In spite of the panels yielding a broader more issue-based type of conversation, audiences continued to express a strong desire to respond to what they had seen as a work of art, separate from the social issues the play brought out. Initially, I saw this as a modernist impulse irrelevant to the intentions of the piece (reducing stigma, shifting paradigms and opening conversation about mental health). But in returning to the goal of facilitating deeper relating, I began to understand that this desire was something I had to attend to as an important element in the connection process. In fall of 2008, I collaborated with the Executive Director of a mental health services organization in Montreal called AMI-Quebec; she and I sat together onstage for the discussion, fielding questions both about the play and about the issues; that format yielded a fluidity in conversation in which people were able to talk about both, moving back and forth without compromising either.

 

The workshop

After many shows, I have offered a creative workshop component of the project that enables audience members to reflect on the subject kinesthetically and imaginatively as well as interactively. I co-developed the workshop with social worker Amy Stuart, who works as an academic advisor at the Community College of Vermont and has had ample experience leading groups.
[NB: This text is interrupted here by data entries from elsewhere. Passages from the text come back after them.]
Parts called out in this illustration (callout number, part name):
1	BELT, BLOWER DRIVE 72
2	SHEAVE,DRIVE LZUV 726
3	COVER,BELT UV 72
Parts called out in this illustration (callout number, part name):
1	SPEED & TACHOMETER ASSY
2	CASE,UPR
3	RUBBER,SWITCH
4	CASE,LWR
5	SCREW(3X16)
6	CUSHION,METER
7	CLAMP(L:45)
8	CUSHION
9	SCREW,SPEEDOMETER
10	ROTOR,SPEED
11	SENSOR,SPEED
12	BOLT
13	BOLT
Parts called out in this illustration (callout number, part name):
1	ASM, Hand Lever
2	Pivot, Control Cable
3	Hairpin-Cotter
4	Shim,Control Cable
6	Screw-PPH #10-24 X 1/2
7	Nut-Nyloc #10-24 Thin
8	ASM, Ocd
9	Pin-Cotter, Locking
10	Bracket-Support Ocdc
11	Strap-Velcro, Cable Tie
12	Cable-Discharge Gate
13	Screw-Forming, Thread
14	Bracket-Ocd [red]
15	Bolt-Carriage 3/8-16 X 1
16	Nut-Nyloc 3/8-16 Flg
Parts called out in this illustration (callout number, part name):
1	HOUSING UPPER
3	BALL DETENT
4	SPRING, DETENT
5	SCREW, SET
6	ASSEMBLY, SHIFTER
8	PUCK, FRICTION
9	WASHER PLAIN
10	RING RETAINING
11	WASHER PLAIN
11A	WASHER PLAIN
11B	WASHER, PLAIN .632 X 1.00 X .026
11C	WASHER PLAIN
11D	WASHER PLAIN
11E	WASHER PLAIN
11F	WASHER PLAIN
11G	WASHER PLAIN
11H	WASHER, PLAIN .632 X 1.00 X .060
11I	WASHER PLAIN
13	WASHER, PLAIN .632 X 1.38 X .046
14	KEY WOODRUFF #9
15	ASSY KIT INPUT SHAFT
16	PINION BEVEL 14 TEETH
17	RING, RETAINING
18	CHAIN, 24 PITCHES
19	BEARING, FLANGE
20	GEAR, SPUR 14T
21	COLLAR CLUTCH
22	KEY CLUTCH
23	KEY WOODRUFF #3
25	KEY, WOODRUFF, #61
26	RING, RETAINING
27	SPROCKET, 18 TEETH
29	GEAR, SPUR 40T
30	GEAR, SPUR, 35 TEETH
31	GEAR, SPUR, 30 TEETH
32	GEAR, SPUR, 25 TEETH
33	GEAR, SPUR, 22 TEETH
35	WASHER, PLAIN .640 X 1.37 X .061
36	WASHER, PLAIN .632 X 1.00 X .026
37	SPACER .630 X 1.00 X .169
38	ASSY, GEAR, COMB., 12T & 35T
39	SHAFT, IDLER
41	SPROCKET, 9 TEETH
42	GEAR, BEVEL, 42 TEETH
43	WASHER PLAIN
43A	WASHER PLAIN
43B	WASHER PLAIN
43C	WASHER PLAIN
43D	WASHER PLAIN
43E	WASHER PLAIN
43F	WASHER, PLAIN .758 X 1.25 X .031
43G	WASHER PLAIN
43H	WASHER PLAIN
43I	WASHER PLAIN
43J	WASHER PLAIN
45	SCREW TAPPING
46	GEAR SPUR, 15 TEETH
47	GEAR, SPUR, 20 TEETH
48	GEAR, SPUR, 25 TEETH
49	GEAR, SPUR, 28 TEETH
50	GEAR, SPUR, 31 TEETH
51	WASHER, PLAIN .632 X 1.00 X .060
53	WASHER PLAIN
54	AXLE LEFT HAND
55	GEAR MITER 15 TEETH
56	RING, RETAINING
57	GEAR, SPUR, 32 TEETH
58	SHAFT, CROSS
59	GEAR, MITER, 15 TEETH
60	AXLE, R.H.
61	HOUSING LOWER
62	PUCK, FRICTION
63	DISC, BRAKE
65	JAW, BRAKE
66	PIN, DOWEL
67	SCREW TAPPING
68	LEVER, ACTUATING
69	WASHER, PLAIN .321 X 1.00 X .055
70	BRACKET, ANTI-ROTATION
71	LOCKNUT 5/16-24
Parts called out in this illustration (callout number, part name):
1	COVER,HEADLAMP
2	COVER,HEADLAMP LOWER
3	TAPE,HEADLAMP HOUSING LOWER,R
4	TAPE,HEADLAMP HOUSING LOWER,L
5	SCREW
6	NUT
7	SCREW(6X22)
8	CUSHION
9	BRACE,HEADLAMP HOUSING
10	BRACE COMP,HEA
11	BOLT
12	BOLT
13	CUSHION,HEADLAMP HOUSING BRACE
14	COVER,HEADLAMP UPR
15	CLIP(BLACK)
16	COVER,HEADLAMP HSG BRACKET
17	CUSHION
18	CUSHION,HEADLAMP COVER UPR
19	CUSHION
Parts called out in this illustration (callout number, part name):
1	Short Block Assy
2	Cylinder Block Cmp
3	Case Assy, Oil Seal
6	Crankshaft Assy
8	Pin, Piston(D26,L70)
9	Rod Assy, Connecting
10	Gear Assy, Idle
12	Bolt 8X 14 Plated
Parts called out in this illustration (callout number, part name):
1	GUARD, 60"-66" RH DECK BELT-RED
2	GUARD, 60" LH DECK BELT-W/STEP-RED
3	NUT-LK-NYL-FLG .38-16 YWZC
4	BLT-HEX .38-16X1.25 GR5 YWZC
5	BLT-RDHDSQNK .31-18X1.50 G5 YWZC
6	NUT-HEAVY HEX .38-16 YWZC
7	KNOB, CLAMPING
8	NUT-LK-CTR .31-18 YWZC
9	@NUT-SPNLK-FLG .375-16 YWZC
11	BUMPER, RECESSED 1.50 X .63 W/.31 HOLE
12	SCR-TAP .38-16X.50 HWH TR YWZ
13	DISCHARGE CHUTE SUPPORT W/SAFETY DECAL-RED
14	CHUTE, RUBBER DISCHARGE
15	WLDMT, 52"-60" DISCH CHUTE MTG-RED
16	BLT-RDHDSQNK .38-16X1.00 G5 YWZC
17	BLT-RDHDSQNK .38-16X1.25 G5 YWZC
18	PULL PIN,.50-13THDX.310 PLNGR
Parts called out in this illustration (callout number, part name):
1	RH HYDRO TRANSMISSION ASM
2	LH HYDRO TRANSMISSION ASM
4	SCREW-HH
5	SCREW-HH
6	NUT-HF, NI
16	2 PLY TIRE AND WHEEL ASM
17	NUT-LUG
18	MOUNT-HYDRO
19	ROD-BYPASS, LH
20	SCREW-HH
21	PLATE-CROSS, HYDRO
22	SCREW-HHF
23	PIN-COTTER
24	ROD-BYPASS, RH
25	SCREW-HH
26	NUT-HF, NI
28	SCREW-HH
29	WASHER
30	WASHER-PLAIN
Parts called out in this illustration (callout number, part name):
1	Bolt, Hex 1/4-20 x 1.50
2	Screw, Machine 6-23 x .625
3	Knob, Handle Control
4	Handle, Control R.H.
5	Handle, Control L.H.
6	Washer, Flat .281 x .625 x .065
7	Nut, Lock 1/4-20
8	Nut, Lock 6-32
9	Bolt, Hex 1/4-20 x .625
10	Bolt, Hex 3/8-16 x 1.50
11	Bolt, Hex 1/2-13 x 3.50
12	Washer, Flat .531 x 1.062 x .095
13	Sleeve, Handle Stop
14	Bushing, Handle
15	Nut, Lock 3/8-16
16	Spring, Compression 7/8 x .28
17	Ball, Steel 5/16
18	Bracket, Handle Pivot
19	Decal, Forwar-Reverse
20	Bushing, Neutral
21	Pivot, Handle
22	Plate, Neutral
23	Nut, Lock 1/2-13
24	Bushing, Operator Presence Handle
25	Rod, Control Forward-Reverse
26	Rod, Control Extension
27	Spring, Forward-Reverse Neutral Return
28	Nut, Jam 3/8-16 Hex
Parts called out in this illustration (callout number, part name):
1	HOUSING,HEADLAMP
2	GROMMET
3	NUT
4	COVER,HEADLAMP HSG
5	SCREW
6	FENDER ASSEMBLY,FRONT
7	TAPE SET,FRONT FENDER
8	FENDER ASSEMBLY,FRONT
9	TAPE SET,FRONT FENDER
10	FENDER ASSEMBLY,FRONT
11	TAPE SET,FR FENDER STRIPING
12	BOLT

The first exercise we presented was the “spectrogram,” where statements are read relating to the topic at hand and participants can situate themselves between two extremes of the room, “Strongly Agree” and “Strongly Disagree.” Examples of statements we used were:

  1. I know somebody who has attempted or completed suicide
  2. An individual suffering from depression/anxiety is mentally ill.
  3. I would feel comfortable “coming out” about my own mental health struggles at work or at school.

After people had positioned themselves, we would pause and ask for comments, offering the chance for people to speak about why they were standing where they were standing. Oftentimes people would share stories from their lives during this portion of the workshop; at one gig a particularly poignant moment happened when several students shared about suicides in their immediate circles. During another, a group of Masters in Community Mental Health students noticed their collective lack of comfort revealing personal struggles with mental health in their jobs, leaving them wondering about the ironically high levels of stigma in their chosen field. At a third, a heated conversation ensued about the function of labeling in an individual’s healing process and the paradigm of diagnosis as objective and knowable truth.

The second exercise involved writing. We formulated a “fill-in-the-blank” type of structure to create poems with the title, “Crazy is…” We asked participants to write down lists of three answers including the following sample questions (which have evolved over the course of the project):

  1. List 3 words that come to mind when you hear the word “crazy.”
  2. How would your grandmother or somebody in her generation describe someone who is depressed or anxious?
  3. List three inventions that were, during the time they were invented, highly unusual
  4. List three of the most moving events in your life

Then we asked them to put the words “Crazy is” in front of each line and read their poems to themselves or, if they wanted to, out loud. The process was designed to explore, personalize, deconstruct and destigmatize the ideas of “depressed,” “anxious” and “crazy” in creative and lighthearted ways. This was one structure that consistently yielded discoveries and paradigm shifts around mental health since it forced writers to look at and reflect on they myriad things that “crazy” is and can be. We purposely began the structure with the negative and moved into the positive in an effort to introduce new possibilities last.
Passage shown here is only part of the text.